[[ DATA FOR PROCESSING open ]]

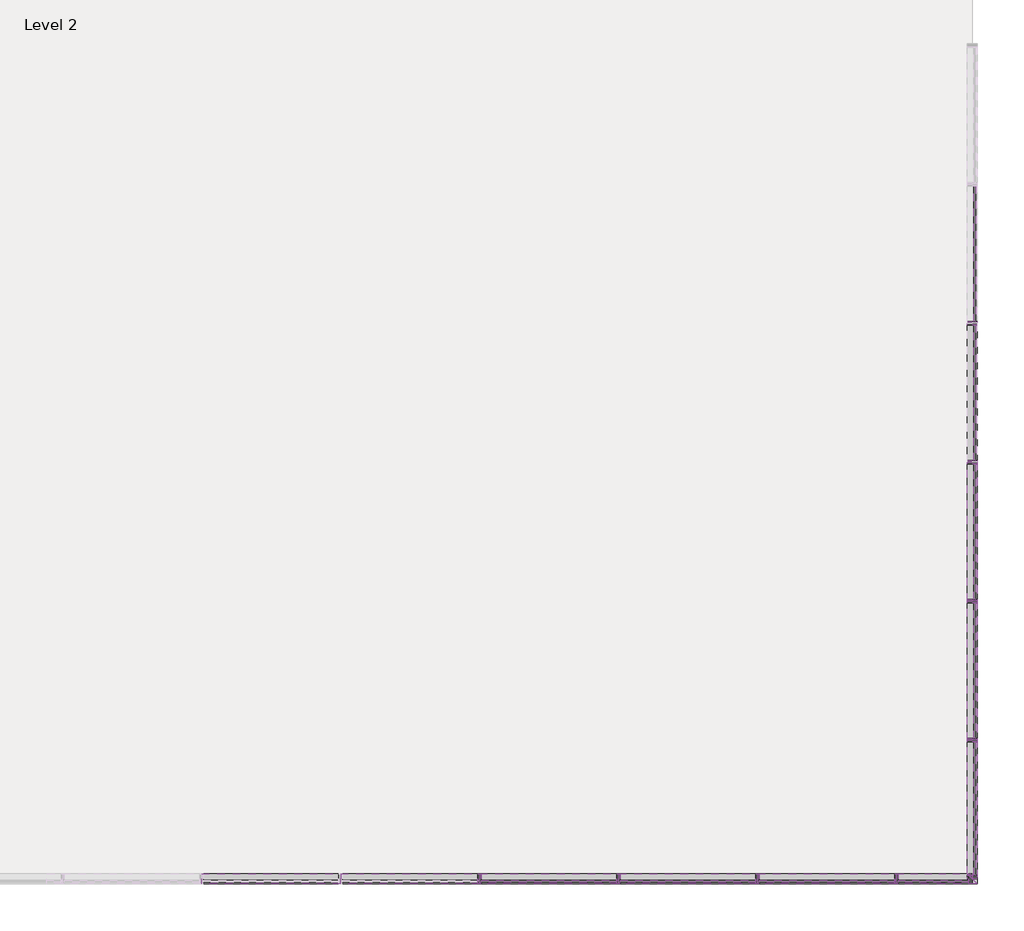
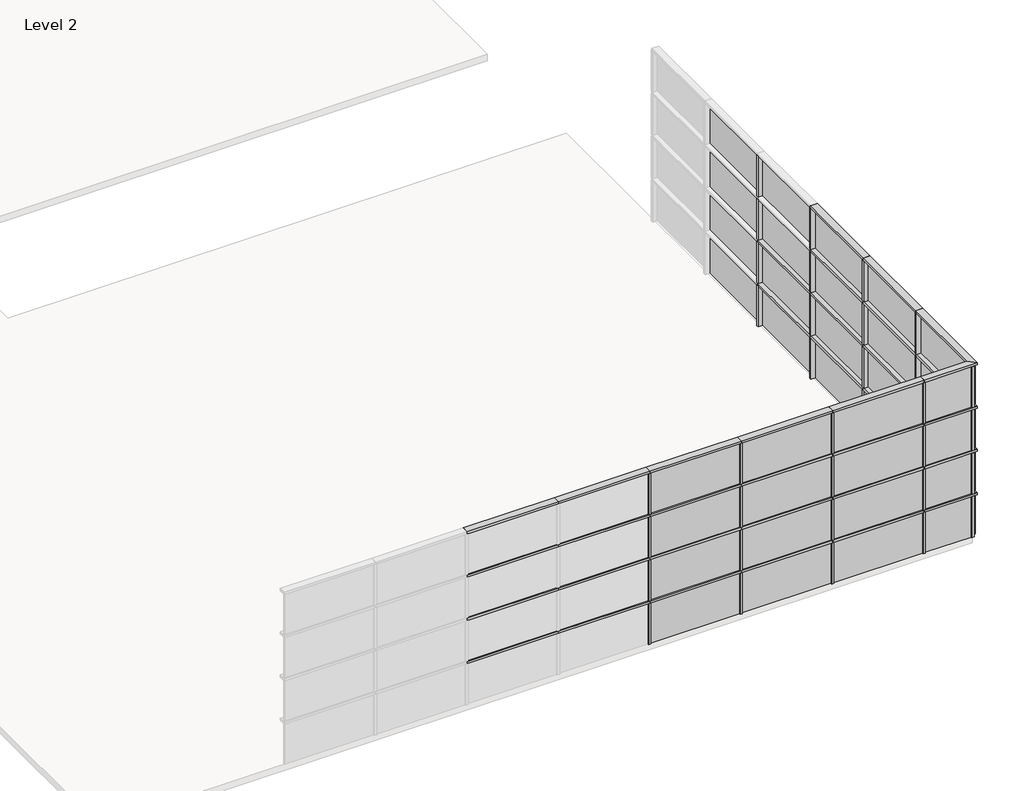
# One storey, part 3 of 6: 78 members, 36 plates.
"""IFC4 building model written with IfcOpenShell, lengths in millimetres."""

from ifc_helpers import new_model, si_unit, origin, place, context, project, spatial, transform, mapped, element, save
from components import rectangular_mullion_50_x_150mm_a053b0ca, rectangular_mullion_50_x_150mm_3a148f0f, rectangular_mullion_50_x_150mm_12a430f9, rectangular_mullion_50_x_150mm_947845bb, rectangular_mullion_50_x_150mm_f68fa77e, system_panel_glazed_751a585c, system_panel_glazed_08de6f5f, system_panel_glazed_3987acf4

model = new_model("IFC4")

# Units and contexts
model_context = context("Model", 3, world=origin())
ifc_project = project(units=[si_unit("LENGTHUNIT", "METRE", prefix="MILLI")], contexts=[model_context])

# Site, building, storey
site = spatial("IfcSite", under=ifc_project)
building = spatial("IfcBuilding", under=site)
storey = spatial("IfcBuildingStorey", under=building, Name="Level 2", Elevation=4000.0)

# Members
placement = place(None, origin())
rectangular_mullion_50_x_150mm_shape = rectangular_mullion_50_x_150mm_a053b0ca(model_context)
element("IfcMember", 1, ObjectType="Rectangular Mullion : 50 x 150mm", at=placement, inside=storey, context=model_context, shape_type="MappedRepresentation", body=[
    mapped(rectangular_mullion_50_x_150mm_shape, transform((6412.826594, -21988.7417365, 4025.0), x_axis=(1.0, 0.0, 0.0), y_axis=(0.0, -1.0, 0.0), z_axis=(0.0, 0.0, -1.0))),
])
element("IfcMember", 2, ObjectType="Rectangular Mullion : 50 x 150mm", at=placement, inside=storey, context=model_context, shape_type="MappedRepresentation", body=[
    mapped(rectangular_mullion_50_x_150mm_shape, transform((6412.826594, -21988.7417365, 5025.0), x_axis=(1.0, 0.0, 0.0), y_axis=(0.0, -1.0, 0.0), z_axis=(0.0, 0.0, -0.9999999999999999))),
])
element("IfcMember", 3, ObjectType="Rectangular Mullion : 50 x 150mm", at=placement, inside=storey, context=model_context, shape_type="MappedRepresentation", body=[
    mapped(rectangular_mullion_50_x_150mm_shape, transform((6412.826594, -21988.7417365, 6025.0), x_axis=(1.0, 0.0, 0.0), y_axis=(0.0, -1.0, 0.0), z_axis=(0.0, 0.0, -0.9999999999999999))),
])
element("IfcMember", 4, ObjectType="Rectangular Mullion : 50 x 150mm", at=placement, inside=storey, context=model_context, shape_type="MappedRepresentation", body=[
    mapped(rectangular_mullion_50_x_150mm_shape, transform((6412.826594, -21988.7417365, 7025.0), x_axis=(1.0, 0.0, 0.0), y_axis=(0.0, -1.0, 0.0), z_axis=(0.0, 0.0, -1.0))),
])
element("IfcMember", 5, ObjectType="Rectangular Mullion : 50 x 150mm", at=placement, inside=storey, context=model_context, shape_type="MappedRepresentation", body=[
    mapped(rectangular_mullion_50_x_150mm_shape, transform((8412.826594, -21988.7417365, 4025.0), x_axis=(1.0, 0.0, 0.0), y_axis=(0.0, -1.0, 0.0), z_axis=(0.0, 0.0, -1.0))),
])
element("IfcMember", 6, ObjectType="Rectangular Mullion : 50 x 150mm", at=placement, inside=storey, context=model_context, shape_type="MappedRepresentation", body=[
    mapped(rectangular_mullion_50_x_150mm_shape, transform((8412.826594, -21988.7417365, 5025.0), x_axis=(1.0, 0.0, 0.0), y_axis=(0.0, -1.0, 0.0), z_axis=(0.0, 0.0, -0.9999999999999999))),
])
element("IfcMember", 7, ObjectType="Rectangular Mullion : 50 x 150mm", at=placement, inside=storey, context=model_context, shape_type="MappedRepresentation", body=[
    mapped(rectangular_mullion_50_x_150mm_shape, transform((8412.826594, -21988.7417365, 6025.0), x_axis=(1.0, 0.0, 0.0), y_axis=(0.0, -1.0, 0.0), z_axis=(0.0, 0.0, -0.9999999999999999))),
])
element("IfcMember", 8, ObjectType="Rectangular Mullion : 50 x 150mm", at=placement, inside=storey, context=model_context, shape_type="MappedRepresentation", body=[
    mapped(rectangular_mullion_50_x_150mm_shape, transform((8412.826594, -21988.7417365, 7025.0), x_axis=(1.0, 0.0, 0.0), y_axis=(0.0, -1.0, 0.0), z_axis=(0.0, 0.0, -1.0))),
])
element("IfcMember", 9, ObjectType="Rectangular Mullion : 50 x 150mm", at=placement, inside=storey, context=model_context, shape_type="MappedRepresentation", body=[
    mapped(rectangular_mullion_50_x_150mm_shape, transform((10412.826594, -21988.7417365, 4025.0), x_axis=(1.0, 0.0, 0.0), y_axis=(0.0, -1.0, 0.0), z_axis=(0.0, 0.0, -1.0))),
])
element("IfcMember", 10, ObjectType="Rectangular Mullion : 50 x 150mm", at=placement, inside=storey, context=model_context, shape_type="MappedRepresentation", body=[
    mapped(rectangular_mullion_50_x_150mm_shape, transform((10412.826594, -21988.7417365, 5025.0), x_axis=(1.0, 0.0, 0.0), y_axis=(0.0, -1.0, 0.0), z_axis=(0.0, 0.0, -0.9999999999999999))),
])
element("IfcMember", 11, ObjectType="Rectangular Mullion : 50 x 150mm", at=placement, inside=storey, context=model_context, shape_type="MappedRepresentation", body=[
    mapped(rectangular_mullion_50_x_150mm_shape, transform((10412.826594, -21988.7417365, 6025.0), x_axis=(1.0, 0.0, 0.0), y_axis=(0.0, -1.0, 0.0), z_axis=(0.0, 0.0, -0.9999999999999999))),
])
element("IfcMember", 12, ObjectType="Rectangular Mullion : 50 x 150mm", at=placement, inside=storey, context=model_context, shape_type="MappedRepresentation", body=[
    mapped(rectangular_mullion_50_x_150mm_shape, transform((10412.826594, -21988.7417365, 7025.0), x_axis=(1.0, 0.0, 0.0), y_axis=(0.0, -1.0, 0.0), z_axis=(0.0, 0.0, -1.0))),
])
element("IfcMember", 13, ObjectType="Rectangular Mullion : 50 x 150mm", at=placement, inside=storey, context=model_context, shape_type="MappedRepresentation", body=[
    mapped(rectangular_mullion_50_x_150mm_shape, transform((12412.826594, -21988.7417365, 4025.0), x_axis=(1.0, 0.0, 0.0), y_axis=(0.0, -1.0, 0.0), z_axis=(0.0, 0.0, -1.0))),
])
element("IfcMember", 14, ObjectType="Rectangular Mullion : 50 x 150mm", at=placement, inside=storey, context=model_context, shape_type="MappedRepresentation", body=[
    mapped(rectangular_mullion_50_x_150mm_shape, transform((12412.826594, -21988.7417365, 5025.0), x_axis=(1.0, 0.0, 0.0), y_axis=(0.0, -1.0, 0.0), z_axis=(0.0, 0.0, -0.9999999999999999))),
])
element("IfcMember", 15, ObjectType="Rectangular Mullion : 50 x 150mm", at=placement, inside=storey, context=model_context, shape_type="MappedRepresentation", body=[
    mapped(rectangular_mullion_50_x_150mm_shape, transform((12412.826594, -21988.7417365, 6025.0), x_axis=(1.0, 0.0, 0.0), y_axis=(0.0, -1.0, 0.0), z_axis=(0.0, 0.0, -0.9999999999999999))),
])
element("IfcMember", 16, ObjectType="Rectangular Mullion : 50 x 150mm", at=placement, inside=storey, context=model_context, shape_type="MappedRepresentation", body=[
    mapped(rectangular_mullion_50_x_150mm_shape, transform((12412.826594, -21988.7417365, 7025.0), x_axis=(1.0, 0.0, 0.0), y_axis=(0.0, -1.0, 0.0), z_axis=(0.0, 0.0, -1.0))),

[[ DATA FOR PROCESSING closed ]]

• [AIM OF THE TASK] A verbatim transcription of the listing is expected, with no pictures included.

• [EXERCISE ANSWER]
# One storey, part 3 of 6: 78 members, 36 plates.
"""IFC4 building model written with IfcOpenShell, lengths in millimetres."""

from ifc_helpers import new_model, si_unit, origin, place, context, project, spatial, transform, mapped, element, save
from components import rectangular_mullion_50_x_150mm_a053b0ca, rectangular_mullion_50_x_150mm_3a148f0f, rectangular_mullion_50_x_150mm_12a430f9, rectangular_mullion_50_x_150mm_947845bb, rectangular_mullion_50_x_150mm_f68fa77e, system_panel_glazed_751a585c, system_panel_glazed_08de6f5f, system_panel_glazed_3987acf4

model = new_model("IFC4")

# Units and contexts
model_context = context("Model", 3, world=origin())
ifc_project = project(units=[si_unit("LENGTHUNIT", "METRE", prefix="MILLI")], contexts=[model_context])

# Site, building, storey
site = spatial("IfcSite", under=ifc_project)
building = spatial("IfcBuilding", under=site)
storey = spatial("IfcBuildingStorey", under=building, Name="Level 2", Elevation=4000.0)

# Members
placement = place(None, origin())
rectangular_mullion_50_x_150mm_shape = rectangular_mullion_50_x_150mm_a053b0ca(model_context)
element("IfcMember", 1, ObjectType="Rectangular Mullion : 50 x 150mm", at=placement, inside=storey, context=model_context, shape_type="MappedRepresentation", body=[
    mapped(rectangular_mullion_50_x_150mm_shape, transform((6412.826594, -21988.7417365, 4025.0), x_axis=(1.0, 0.0, 0.0), y_axis=(0.0, -1.0, 0.0), z_axis=(0.0, 0.0, -1.0))),
])
element("IfcMember", 2, ObjectType="Rectangular Mullion : 50 x 150mm", at=placement, inside=storey, context=model_context, shape_type="MappedRepresentation", body=[
    mapped(rectangular_mullion_50_x_150mm_shape, transform((6412.826594, -21988.7417365, 5025.0), x_axis=(1.0, 0.0, 0.0), y_axis=(0.0, -1.0, 0.0), z_axis=(0.0, 0.0, -0.9999999999999999))),
])
element("IfcMember", 3, ObjectType="Rectangular Mullion : 50 x 150mm", at=placement, inside=storey, context=model_context, shape_type="MappedRepresentation", body=[
    mapped(rectangular_mullion_50_x_150mm_shape, transform((6412.826594, -21988.7417365, 6025.0), x_axis=(1.0, 0.0, 0.0), y_axis=(0.0, -1.0, 0.0), z_axis=(0.0, 0.0, -0.9999999999999999))),
])
element("IfcMember", 4, ObjectType="Rectangular Mullion : 50 x 150mm", at=placement, inside=storey, context=model_context, shape_type="MappedRepresentation", body=[
    mapped(rectangular_mullion_50_x_150mm_shape, transform((6412.826594, -21988.7417365, 7025.0), x_axis=(1.0, 0.0, 0.0), y_axis=(0.0, -1.0, 0.0), z_axis=(0.0, 0.0, -1.0))),
])
element("IfcMember", 5, ObjectType="Rectangular Mullion : 50 x 150mm", at=placement, inside=storey, context=model_context, shape_type="MappedRepresentation", body=[
    mapped(rectangular_mullion_50_x_150mm_shape, transform((8412.826594, -21988.7417365, 4025.0), x_axis=(1.0, 0.0, 0.0), y_axis=(0.0, -1.0, 0.0), z_axis=(0.0, 0.0, -1.0))),
])
element("IfcMember", 6, ObjectType="Rectangular Mullion : 50 x 150mm", at=placement, inside=storey, context=model_context, shape_type="MappedRepresentation", body=[
    mapped(rectangular_mullion_50_x_150mm_shape, transform((8412.826594, -21988.7417365, 5025.0), x_axis=(1.0, 0.0, 0.0), y_axis=(0.0, -1.0, 0.0), z_axis=(0.0, 0.0, -0.9999999999999999))),
])
element("IfcMember", 7, ObjectType="Rectangular Mullion : 50 x 150mm", at=placement, inside=storey, context=model_context, shape_type="MappedRepresentation", body=[
    mapped(rectangular_mullion_50_x_150mm_shape, transform((8412.826594, -21988.7417365, 6025.0), x_axis=(1.0, 0.0, 0.0), y_axis=(0.0, -1.0, 0.0), z_axis=(0.0, 0.0, -0.9999999999999999))),
])
element("IfcMember", 8, ObjectType="Rectangular Mullion : 50 x 150mm", at=placement, inside=storey, context=model_context, shape_type="MappedRepresentation", body=[
    mapped(rectangular_mullion_50_x_150mm_shape, transform((8412.826594, -21988.7417365, 7025.0), x_axis=(1.0, 0.0, 0.0), y_axis=(0.0, -1.0, 0.0), z_axis=(0.0, 0.0, -1.0))),
])
element("IfcMember", 9, ObjectType="Rectangular Mullion : 50 x 150mm", at=placement, inside=storey, context=model_context, shape_type="MappedRepresentation", body=[
    mapped(rectangular_mullion_50_x_150mm_shape, transform((10412.826594, -21988.7417365, 4025.0), x_axis=(1.0, 0.0, 0.0), y_axis=(0.0, -1.0, 0.0), z_axis=(0.0, 0.0, -1.0))),
])
element("IfcMember", 10, ObjectType="Rectangular Mullion : 50 x 150mm", at=placement, inside=storey, context=model_context, shape_type="MappedRepresentation", body=[
    mapped(rectangular_mullion_50_x_150mm_shape, transform((10412.826594, -21988.7417365, 5025.0), x_axis=(1.0, 0.0, 0.0), y_axis=(0.0, -1.0, 0.0), z_axis=(0.0, 0.0, -0.9999999999999999))),
])
element("IfcMember", 11, ObjectType="Rectangular Mullion : 50 x 150mm", at=placement, inside=storey, context=model_context, shape_type="MappedRepresentation", body=[
    mapped(rectangular_mullion_50_x_150mm_shape, transform((10412.826594, -21988.7417365, 6025.0), x_axis=(1.0, 0.0, 0.0), y_axis=(0.0, -1.0, 0.0), z_axis=(0.0, 0.0, -0.9999999999999999))),
])
element("IfcMember", 12, ObjectType="Rectangular Mullion : 50 x 150mm", at=placement, inside=storey, context=model_context, shape_type="MappedRepresentation", body=[
    mapped(rectangular_mullion_50_x_150mm_shape, transform((10412.826594, -21988.7417365, 7025.0), x_axis=(1.0, 0.0, 0.0), y_axis=(0.0, -1.0, 0.0), z_axis=(0.0, 0.0, -1.0))),
])
element("IfcMember", 13, ObjectType="Rectangular Mullion : 50 x 150mm", at=placement, inside=storey, context=model_context, shape_type="MappedRepresentation", body=[
    mapped(rectangular_mullion_50_x_150mm_shape, transform((12412.826594, -21988.7417365, 4025.0), x_axis=(1.0, 0.0, 0.0), y_axis=(0.0, -1.0, 0.0), z_axis=(0.0, 0.0, -1.0))),
])
element("IfcMember", 14, ObjectType="Rectangular Mullion : 50 x 150mm", at=placement, inside=storey, context=model_context, shape_type="MappedRepresentation", body=[
    mapped(rectangular_mullion_50_x_150mm_shape, transform((12412.826594, -21988.7417365, 5025.0), x_axis=(1.0, 0.0, 0.0), y_axis=(0.0, -1.0, 0.0), z_axis=(0.0, 0.0, -0.9999999999999999))),
])
element("IfcMember", 15, ObjectType="Rectangular Mullion : 50 x 150mm", at=placement, inside=storey, context=model_context, shape_type="MappedRepresentation", body=[
    mapped(rectangular_mullion_50_x_150mm_shape, transform((12412.826594, -21988.7417365, 6025.0), x_axis=(1.0, 0.0, 0.0), y_axis=(0.0, -1.0, 0.0), z_axis=(0.0, 0.0, -0.9999999999999999))),
])
element("IfcMember", 16, ObjectType="Rectangular Mullion : 50 x 150mm", at=placement, inside=storey, context=model_context, shape_type="MappedRepresentation", body=[
    mapped(rectangular_mullion_50_x_150mm_shape, transform((12412.826594, -21988.7417365, 7025.0), x_axis=(1.0, 0.0, 0.0), y_axis=(0.0, -1.0, 0.0), z_axis=(0.0, 0.0, -1.0))),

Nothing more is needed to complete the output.